### WORK ITEM
Reproduce the records below exactly; the images should not appear.
INFORMATION SUPPLIED START
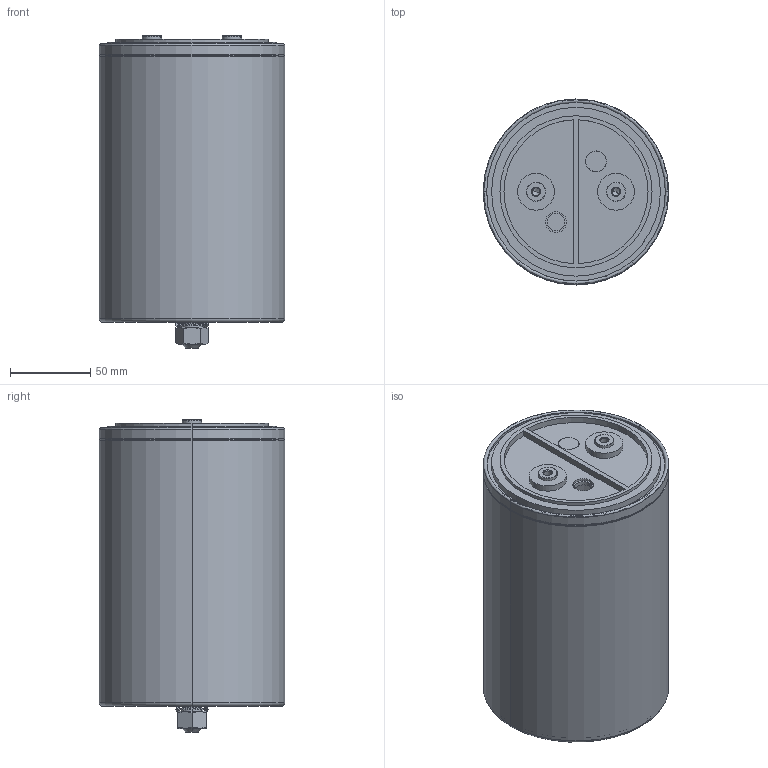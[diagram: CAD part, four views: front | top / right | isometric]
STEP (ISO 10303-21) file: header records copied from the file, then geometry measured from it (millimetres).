
FILE_DESCRIPTION (( 'STEP AP203' ), '1' );
FILE_NAME ('B25620Bx_116x173_179.STEP', '2021-07-01T04:06:16', ( '' ), ( '' ), 'SwSTEP 2.0', 'SolidWorks 2017', '' );
FILE_SCHEMA (( 'CONFIG_CONTROL_DESIGN' ));
Length unit declared in the file: millimetre
Products named in the file (1): B25620Bx_116x173_179
Bounding box: 116 x 116 x 195 mm (x, y, z)
Volume: 125717 mm3; surface area: 177989.4 mm2
Topology: 2 solids, 14 shells, 272 faces, 600 edges, 380 vertices
Faces by surface type: plane 110, cylinder 78, bspline 46, cone 20, torus 18
Entity records: 8493 total; most frequent: CARTESIAN_POINT 2593, ORIENTED_EDGE 1192, DIRECTION 1160, EDGE_CURVE 596, AXIS2_PLACEMENT_3D 433, VERTEX_POINT 380, EDGE_LOOP 302, LINE 294
INFORMATION SUPPLIED END
### EXERCISE ANSWER
[diagram: CAD part, four views: front | top / right | isometric]
STEP (ISO 10303-21) file: header records copied from the file, then geometry measured from it (millimetres).
FILE_DESCRIPTION (( 'STEP AP203' ), '1' );
FILE_NAME ('B25620Bx_116x173_179.STEP', '2021-07-01T04:06:16', ( '' ), ( '' ), 'SwSTEP 2.0', 'SolidWorks 2017', '' );
FILE_SCHEMA (( 'CONFIG_CONTROL_DESIGN' ));
Length unit declared in the file: millimetre
Products named in the file (1): B25620Bx_116x173_179
Bounding box: 116 x 116 x 195 mm (x, y, z)
Volume: 125717 mm3; surface area: 177989.4 mm2
Topology: 2 solids, 14 shells, 272 faces, 600 edges, 380 vertices
Faces by surface type: plane 110, cylinder 78, bspline 46, cone 20, torus 18
Entity records: 8493 total; most frequent: CARTESIAN_POINT 2593, ORIENTED_EDGE 1192, DIRECTION 1160, EDGE_CURVE 596, AXIS2_PLACEMENT_3D 433, VERTEX_POINT 380, EDGE_LOOP 302, LINE 294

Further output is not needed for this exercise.